Maybe probably the most putting end result concerned a fiendishly tough reverse-engineering puzzle. GPT-5.5 solved the problem—which required reconstructing a customized digital machine’s instruction set, writing a disassembler from scratch, and recovering a cryptographic password by way of constraint fixing—in 10 minutes and 22 seconds, at a price of $1.73 in API utilization. A human knowledgeable, utilizing skilled instruments, required roughly 12 hours.

On AISI’s battery of superior cybersecurity duties, GPT-5.5 achieved a median go charge of 71.4% on probably the most tough “Skilled” tier, edging out Mythos Preview at 68.6% % and considerably surpassing GPT-5.4 at 52.4%.

The findings carry pointed implications for the broader trajectory of AI improvement. AISI concluded that GPT-5.5’s efficiency suggests fast enchancment in cyber capabilities could also be a part of a basic development moderately than an remoted breakthrough—and warned that if offensive cyber talent is rising as a byproduct of wider enhancements in reasoning, coding, and autonomous activity completion, then additional advances might arrive in fast succession.

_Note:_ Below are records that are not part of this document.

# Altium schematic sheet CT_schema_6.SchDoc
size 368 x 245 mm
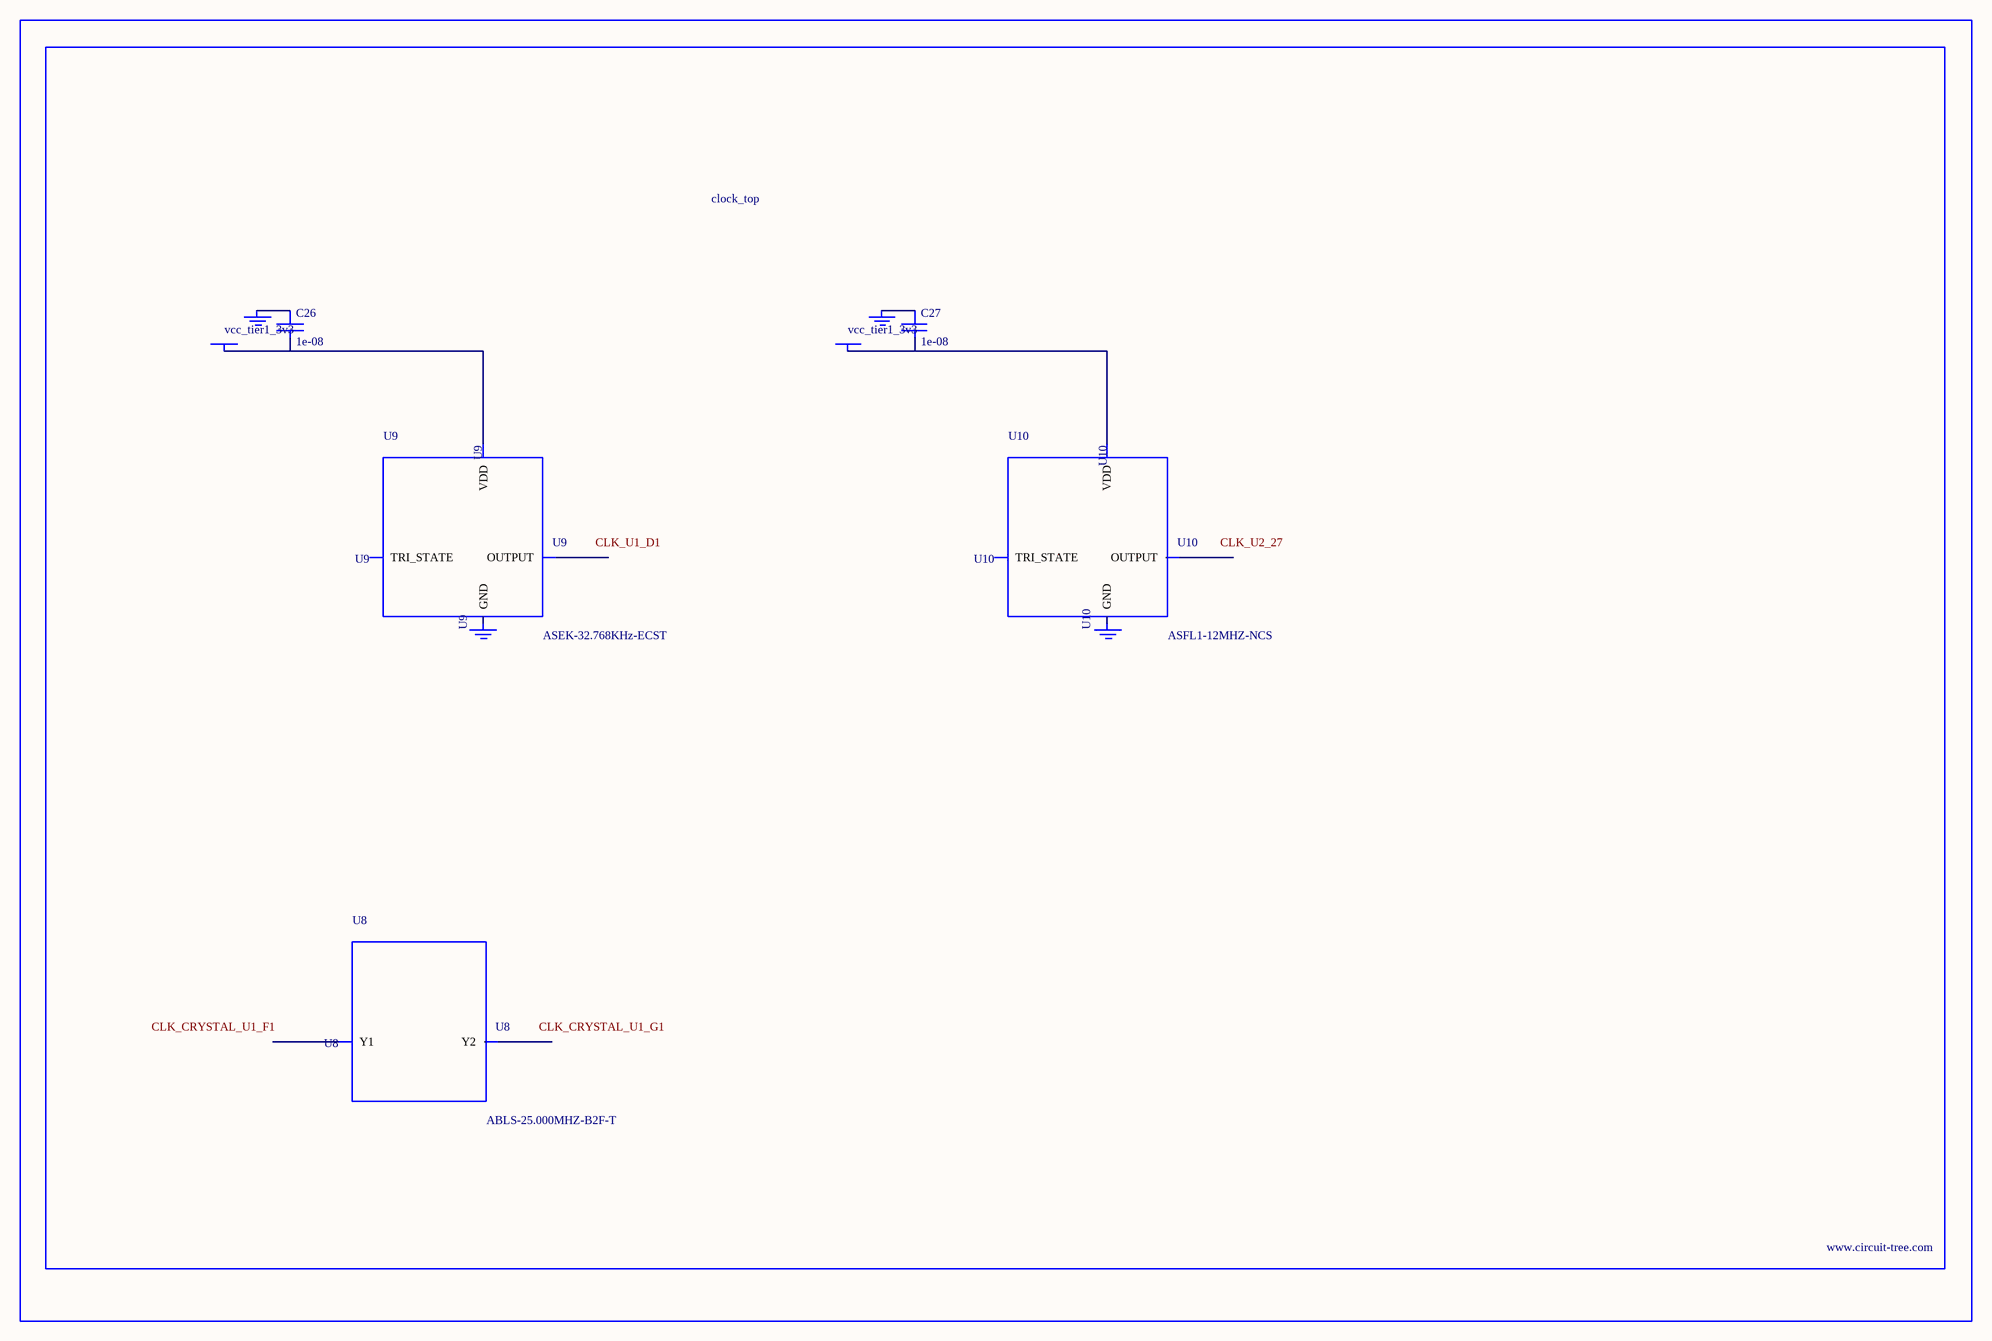
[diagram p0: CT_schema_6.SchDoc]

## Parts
BORDER5  (no value)
C26  1e-08  [C0402]
C27  1e-08  [C0402]
GND_INSTANCE_5_0  (no value)
GND_INSTANCE_5_1  (no value)
GND_INSTANCE_5_2  (no value)
GND_INSTANCE_5_3  (no value)
POWER_INSTANCE_5_0  vcc_tier1_3v3
POWER_INSTANCE_5_1  vcc_tier1_3v3
U8  ABLS-25.000MHZ-B2F-T  [ABLS-25.000MHZ-B2F-T]
U9  ASEK-32.768KHz-ECST  [ASEK]
U10  ASFL1-12MHZ-NCS  [ASFL1]

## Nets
NetC26_1: C26.1 GND_INSTANCE_5_0.0(GND)
NetC26_2: C26.2 POWER_INSTANCE_5_0.0(PWR) U9.4(VDD)
NetC27_1: C27.1 GND_INSTANCE_5_2.0(GND)
NetC27_2: C27.2 POWER_INSTANCE_5_1.0(PWR) U10.4(VDD)

Not connected (* = marked no-connect by the designer): GND_INSTANCE_5_1 0(GND); GND_INSTANCE_5_3 0(GND); U8 1(Y1) 2(Y2); U9 1(TRI_STATE) 2(GND) 3(OUTPUT); U10 1(TRI_STATE) 2(GND) 3(OUTPUT)

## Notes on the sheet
- Labels drawn without touching a wire or pin: CLK_CRYSTAL_U1_F1, CLK_CRYSTAL_U1_G1, CLK_U1_D1, CLK_U2_27

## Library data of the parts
BORDER5 = BORDER_PAGE5
C26 C27 = C0402C103K3RAC
GND_INSTANCE_5_0-GND_INSTANCE_5_3 = GND
POWER_INSTANCE_5_0 POWER_INSTANCE_5_1 = PWR
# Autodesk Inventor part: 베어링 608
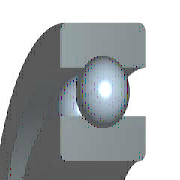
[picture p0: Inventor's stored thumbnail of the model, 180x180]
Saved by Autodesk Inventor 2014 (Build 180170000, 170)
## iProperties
IsCustomPart: 1
Created: 2012-02
Part Number: 베어링 608
Material: 강철, 연강
Description: 깊은 그루브 볼 베어링
Document SubType Name: Modeling
Standard: KS B 2023
Designer: mduedu
Standards Organization: KS
Language: ko-KR
Size Designation: 608 - 8 x 22 x 7
Categories: <MemberInstance><Categories><Category DisplayName="샤프트 부품" InternalName="7f7aeb1f-a693-4053-b835-cee3144e0d98" Mnemonic="SHFT"><Category DisplayName="베어링" Inter
Density: 7.86 g/cm^3
Appearance: 주황색
Mass: 10.9696 g
Surface Area: 20.0754 cm^2
Volume: 1.39562 cm^3
Author: mduedu
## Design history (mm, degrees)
sketch "스케치" dims "d0" = 3.64 (= -0.26 x WD + 0.26 x BD)
  geometry: L1 (1.68, 7.5)-(5.32, 7.5); L2 (3.5, 7.5)-(3.5, 5.68); L3 (3.5, 7.5)-(3.5, 9.32); L4 (2.148, 6.282)-(0, 6.282); L5 (0, 4)-(7, 4); L6 (2.148, 8.718)-(0, 8.718); L7 (0, 11)-(7, 11); L8 (7, 4)-(7, 6.282); L9 (4.852, 6.282)-(7, 6.282); L10 (4.852, 8.718)-(7, 8.718); L11 (7, 11)-(7, 8.718); L12 (-1.4, 0)-(8.4, 0) reference; L13 (0, -0.3)-(0, 5.3) reference
  constraints: 22 end point, 4 point on line, 2 collinear, 2 perpendicular, 2 symmetric about line, 1 midpoint, 1 parallel, 14 other
  dimensions: "d9" = 8 diameter of L5 L12 (= WD); "d11" = 22 diameter of L7 L12 (= BD); "d12" = 7 distance between parallel lines of L8 L13 (= KB); "d13" = 12.564 diameter of L9 L12 (= 0.326 x BD + 0.674 x WD)
revolve "본체" stored, may be unused: angle "d6" = 90 deg
revolve "볼" stored, may be unused: angle "d7" = 90 deg
pattern_circular "IDS_ARRAYBALL[SIMPL:T]" dims angle "d3" = 360 deg
body "Solid1"
fillet "모깎기1" dims "d1" = 0.3 (= KRS)
other parameters: "WD" = 8 [user parameter; used in 5 equation terms], "BD" = 22 [user parameter; used in 5 equation terms], "KB" = 7 [user parameter; used in 1 equation term], "KRS" = 0.3 [user parameter; used in 1 equation term], "d4" = 0, "d5" = 0, "d8" = 0, "d14" = 0, "d15" = 0, "BBA" = 0 [user parameter], "BC0" = 1370000 [user parameter], "BC" = 3250000 [user parameter], "BR" = 11 (= 0.5 x BD) [user parameter], "WR" = 4 (= 0.5 x WD) [user parameter]

The report additionally flagged important considerations in regards to the mannequin’s security guardrails. Researchers recognized a common jailbreak that elicited dangerous content material throughout all malicious cyber queries examined, together with in multi-turn agentic settings. The assault took six hours of knowledgeable red-teaming to develop. OpenAI subsequently up to date its safeguard stack, although a configuration situation prevented AISI from verifying whether or not the ultimate model was efficient.

AISI cautioned that its functionality evaluations had been carried out in a managed analysis atmosphere and don’t essentially mirror what’s accessible to an unusual person, noting that public deployments embody further safeguards and entry controls.

The report lands in opposition to a worrying backdrop for British cybersecurity. The U.Ok. authorities’s annual Cyber Safety Breaches Survey, additionally revealed Thursday, discovered that 43% of companies suffered a cyber breach or assault previously 12 months.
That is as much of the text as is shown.